:: Material to process ::

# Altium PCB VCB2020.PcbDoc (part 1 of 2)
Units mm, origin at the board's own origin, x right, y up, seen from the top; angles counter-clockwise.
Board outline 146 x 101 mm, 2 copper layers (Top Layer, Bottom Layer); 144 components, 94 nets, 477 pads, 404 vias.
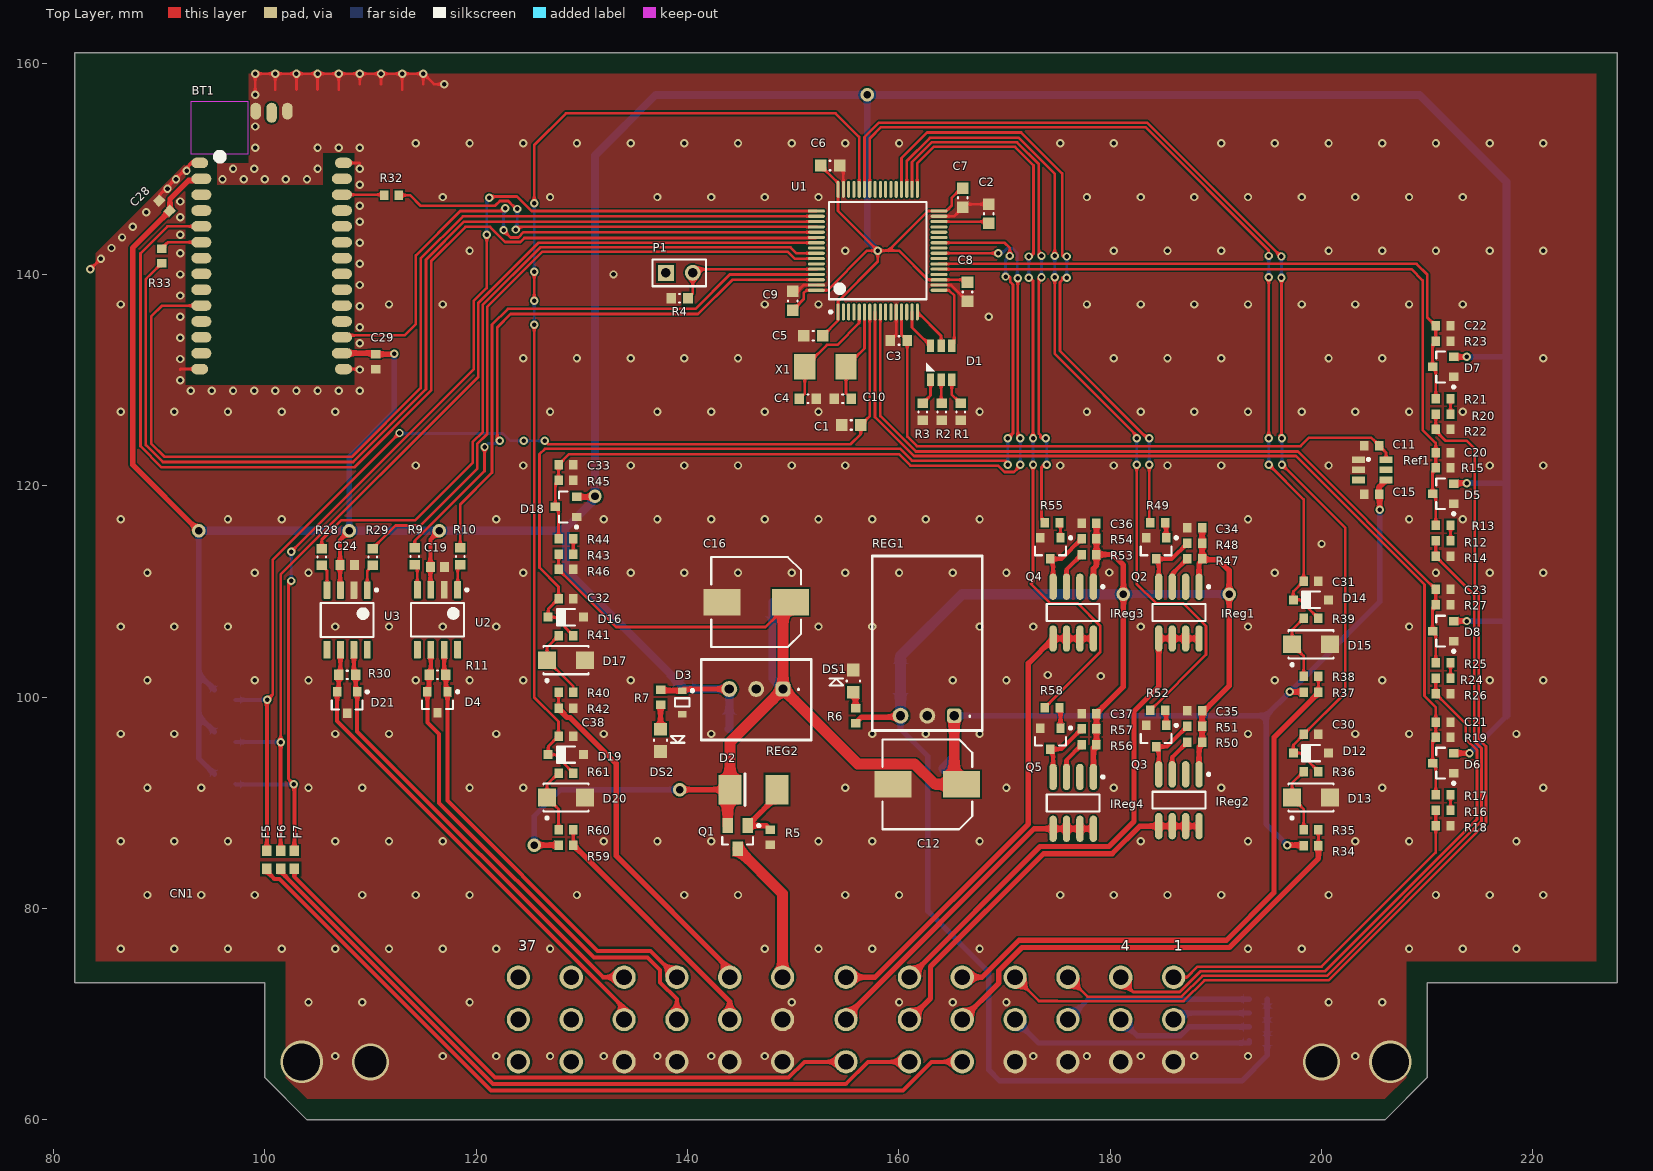
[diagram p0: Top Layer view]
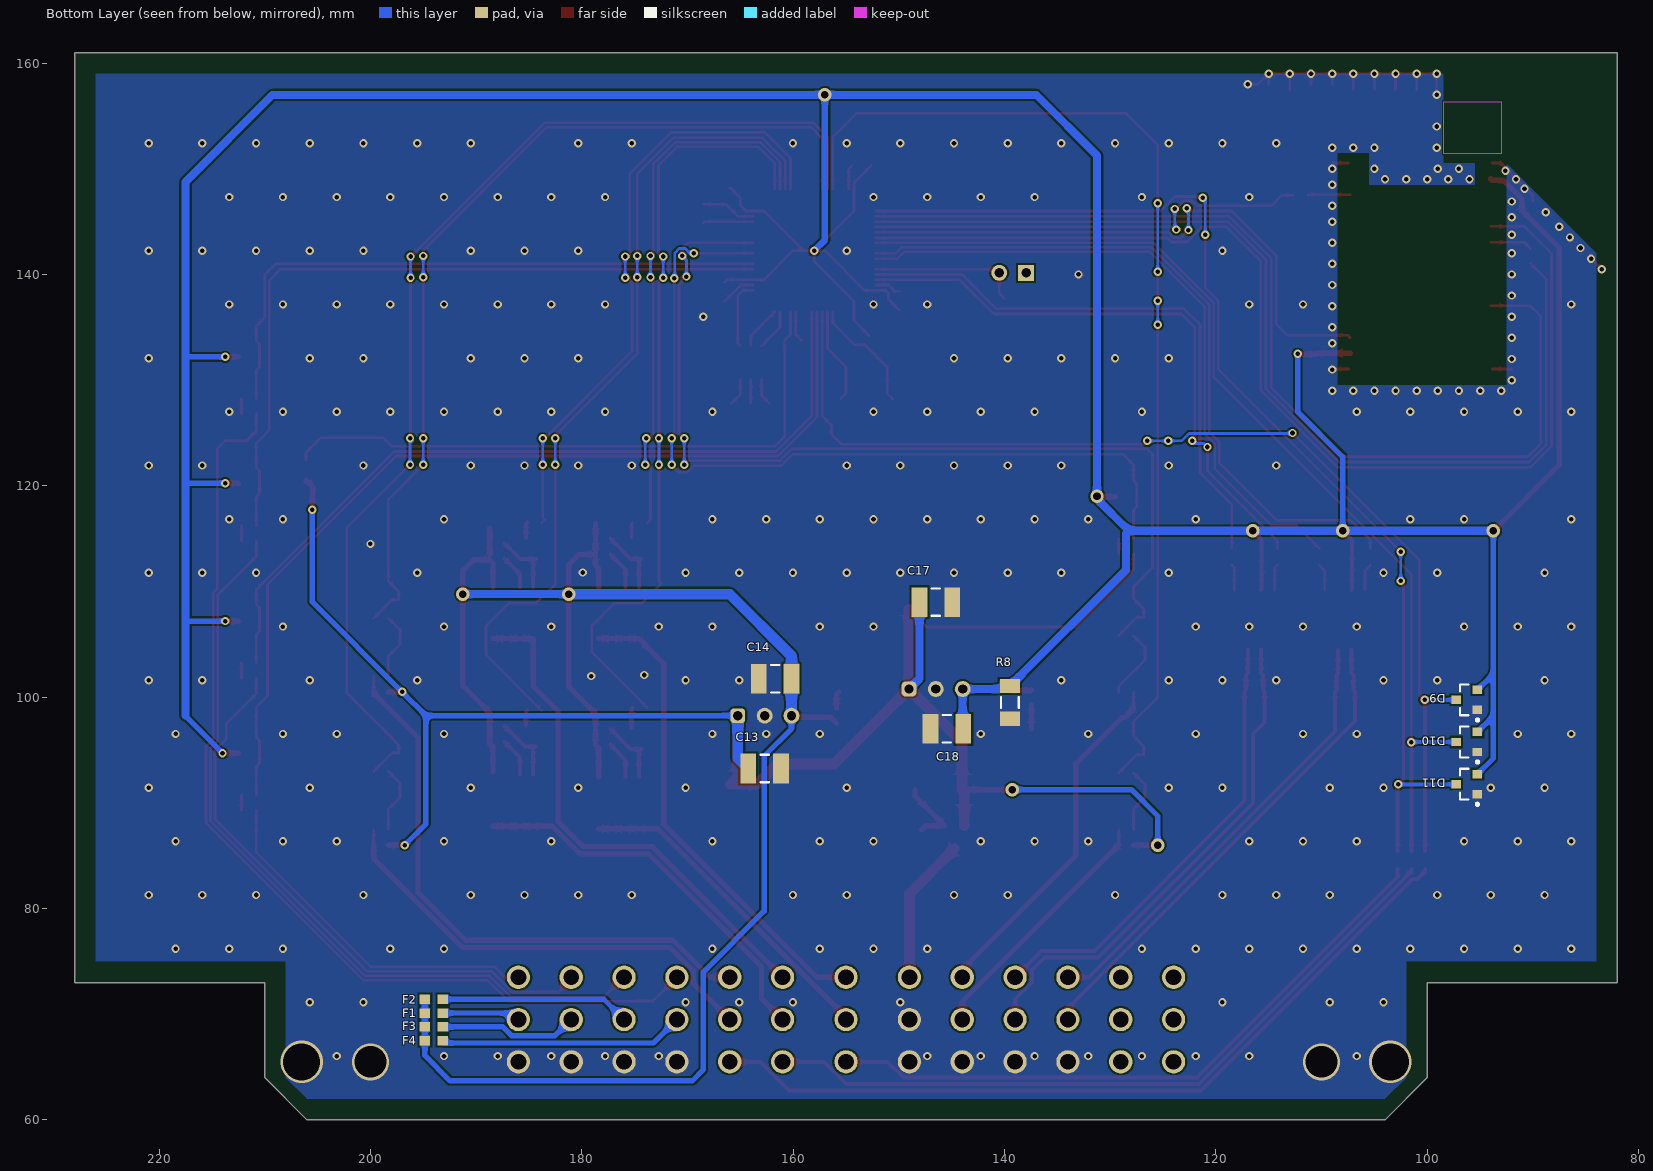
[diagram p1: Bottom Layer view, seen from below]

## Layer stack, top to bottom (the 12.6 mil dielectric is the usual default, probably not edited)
Top Solder: solder mask 0.0102, Solder Resist, Dk 3.5
Top Layer: signal copper 0.0356
Dielectric 1: dielectric 0.32, FR-4, Dk 4.8
Bottom Layer: signal copper 0.0356
Bottom Solder: solder mask 0.0102, Solder Resist, Dk 3.5

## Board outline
210,64 206,60 104,60 100,64 100,73 82,73 82,161 228,161 228,73 210,73

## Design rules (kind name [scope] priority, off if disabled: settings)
Clearance [All] p1: gap=0.178 ignorepadtopadclearanceinfootprint=FALSE except(0: Arc-Hole Track-Hole SMDPad-Hole THPad-Hole Via-Hole Fill-Hole Poly-Hole Region-Hole Text-Hole)
DiffPairsRouting [All] p1: maxlimit=0.254 minlimit=0.254 mostfreqgap=0.254 toplayer_minwidth=0.381 toplayer_maxwidth=0.381 toplayer_prefwidth=0.381 bottomlayer_minwidth=0.381 bottomlayer_maxwidth=0.381 bottomlayer_prefwidth=0.381 maxuncoupledlength=12.7
Height [All] p1: minheight=0 maxheight=1000 prefheight=12.7
HoleSize [All] p1: absolutevalues=TRUE maxlimit=5.08 minlimit=0.381 maxpercent=80.000 minpercent=20.000
HoleToHoleClearance [All] p1: gap=0.203 allowstackedmicrovias=TRUE
MinimumAnnularRing MinimumAnnularRing_Pad [IsPad] p1: minimumring=0.178
MinimumAnnularRing MinimumAnnularRing_Via [IsVia] p2: minimumring=0.127
MinimumSolderMaskSliver [All] p1: minsoldermaskwidth=0.102
PlaneClearance [All] p1: clearance=0.381
PlaneConnect PlaneConnect_12V [InNet('12V')] p1: planeconnectstyle=Direct reliefexpansion=0.508 reliefentries=4 reliefconductorwidth=0.508 reliefairgap=0.254
PlaneConnect PlaneConnect_1 [All] p2: planeconnectstyle=Relief reliefexpansion=0.381 reliefentries=4 reliefconductorwidth=0.381 reliefairgap=0.254
PolygonConnect [All] p1: connectstyle=Direct reliefconductorwidth=0.381 reliefentries=4 polygonreliefangle="90 Angle" airgapwidth=0.254
RoutingVias [All] p1: holewidth=0.432 width=0.787 viastyle="Through Hole" minholewidth=0.381 minwidth=0.737 maxholewidth=1.27 maxwidth=2.54
SilkToSilkClearance [All] p1: silktosilkclearance=0.178
SilkToSolderMaskClearance [IsPad] p1: minsilkscreentomaskgap=0.051 clearancetoexposedcopper=TRUE
SolderMaskExpansion [All] p1: expansion=0.076
Width [All] p1: maxlimit=5.08 minlimit=0.178 preferedwidth=0.381
21 further rules are at their usual default settings.

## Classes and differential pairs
component class 10-DashLEDs: C34 C35 C36 C37 IReg1 IReg2 IReg3 IReg4 Q2 Q3 Q4 Q5 R47 R48 R49 R50 R51 R52 R53 R54 R55 R56 R57 R58
component class 9-Other_Inputs: C30 C31 C32 C33 C38 D12 D13 D14 D15 D16 D17 D18 D19 D20 R34 R35 R36 R37 R38 R39 R40 R41 R42 R43 R44 R45 R46 R59 R60 R61
component class 8-Bluetooth: BT1 C28 C29 R32 R33
component class 5-Connector: CN1 D9 D10 D11 F1 F2 F3 F4 F5 F6 F7
component class 4-PPS: C20 C21 C22 C23 D5 D6 D7 D8 R12 R13 R14 R15 R16 R17 R18 R19 R20 R21 R22 R23 R24 R25 R26 R27
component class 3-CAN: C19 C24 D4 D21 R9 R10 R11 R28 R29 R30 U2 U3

:::

Required work: Count how many lines of the listing above include "diagram" and report that number alone.

Finished task: 2